A third bomb exploded near Bali's US consulate, but no one was hurt. Arrested on 21 November 2002, Samudra was about to board a ferry for Sumatra. Police believe he was the planner or "field commander" of the Bali operation.

Explaining his motives for the bombing to documentarian Daniel Rudi Haryanto from prison, Samudra stated (translated into English by Haryanto):

Sometimes, Jews and Christians are more convinced by the Koran compared to Moslems themselves. They attack Islamic nations because they are afraid the words inside Koran would become reality. So, it's not about oil or nuclear issues at all... I am more convinced by the Koran rather than human analysis. So, it's a matter of aqidah (faith). Until judgment day comes there will never be peace. Unless Islam gets the victory.

===Trial===
Samudra went on trial on 2 June 2003 and testified on 16 July 2003:

...[the bombing was] justifiable [under Islamic teachings].... [to] avenge the killings of Muslims by the United States and its allies.
— Imam Samudra, during his trial, July 2003.

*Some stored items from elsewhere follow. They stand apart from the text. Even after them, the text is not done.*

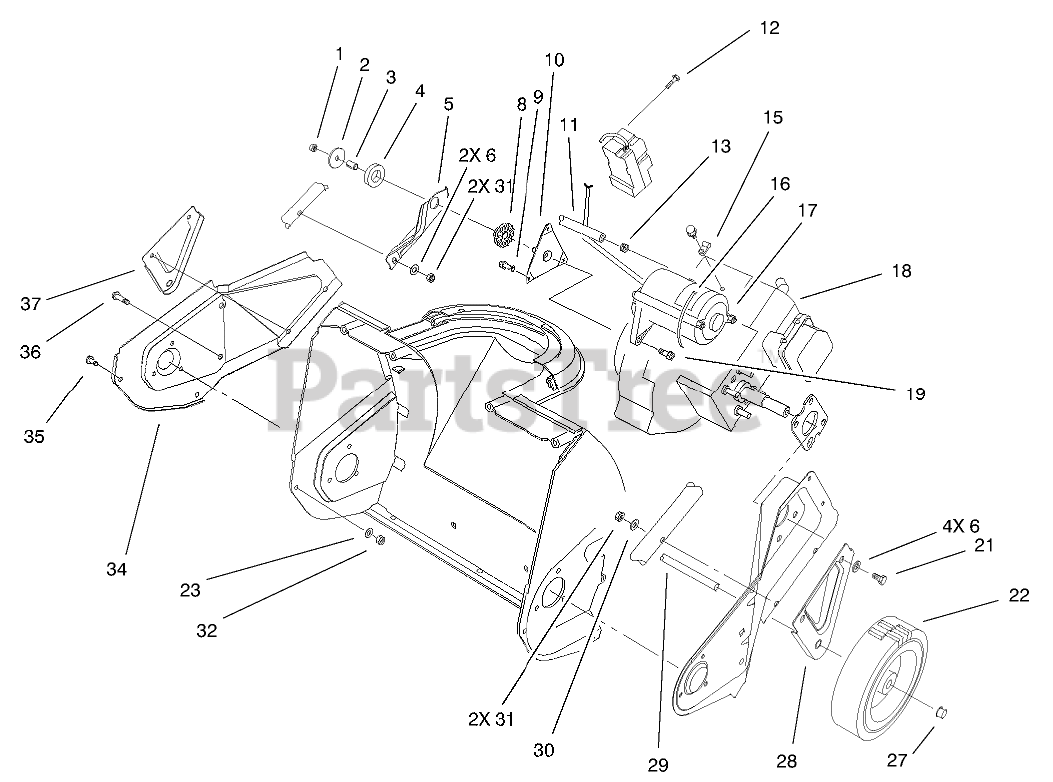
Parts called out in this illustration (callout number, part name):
1	NUT-LOCK, NI
2	WASHER-FLAT
3	SPACER-TUBULAR
4	RING-ISOLATOR
5	BRACKET-SUPPORT, ENGINE
6	WASHER-FLAT
8	BUSHING-ISOLATOR
9	SCREW
10	BRACKET AND STUD ASM
11	LINE-GAS
12	Screw-Plastite (only on: 38182)
13	CLAMP-HOSE
15	Clamp (only on: 38182)
16	Tie-Cable (only on: 38182)
17	Starter ASM (120 Volt)(Service)(only on: 38182)
19	Screw-Mtg Torx (only on: 38182)
21	SCREW-HH
22	WHEEL
23	WASHER-FLAT
27	RETAINER-PUSH ON
28	BRACKET-WHEEL, LH
30	WASHER
31	NUT-LOCK, NI
32	NUT-LOCK, NI
34	PLATE-SIDE, RH
36	SCREW-PLASTIC
37	BRACKET-WHEEL, RH

===Sentence and execution===
On 10 September 2003, he was found guilty for his role in the Bali bombing and sentenced to death. Originally incarcerated in Denpasar's Kerobokan Prison, he was moved to the high-security prison island of Nusakambangan. On 20 November he lodged an appeal against his sentence.

Together with the two other bombers who received death sentences, he launched a constitutional challenge against the use of firing squads. Samudra and the two other bombers preferred beheading, saying that it was a more Islamic form of execution. Despite an initial decision by Muklas, Amrozi and Imam Samudr to not seek a Presidential pardon, on 21 August 2006, Muklas and his co-conspirators authorised their lawyers to file a last appeal which was lodged on 7 December on the basis of retroactive legislation. On 25 September 2008, the Supreme Court of Indonesia rejected the final appeals of Imam Samudra and Mukhlas; having dismissed Amrozi's appeal earlier that month. In October 2008, he remained unrepentant and claimed revenge would be taken for his death. During the month, his final appeals were rejected and the Attorney General's office announced that he would be executed by firing squad in early November 2008.

According to a source in Indonesia's Attorney General Office, the execution was to be done before the end of Sunday, 9 November 2008. This was reportedly delayed from the original plan to allow a representative from the family to identify the body post-execution. However, no representative from Samudra's family were in attendance.

Samudra, along with Amrozi and Huda bin Abdul Haq were executed by firing squad at 00:15 on 9 November 2008.

==Published works==
From his cell, he wrote an autobiography titled I Fight Terrorists (Aku Melawan Teroris in Indonesian), where the "terrorists" are the Americans. It went on sale for USD3, on a run of 5,000 copies. In 2004, CNN described the book as a "bestseller in Indonesia".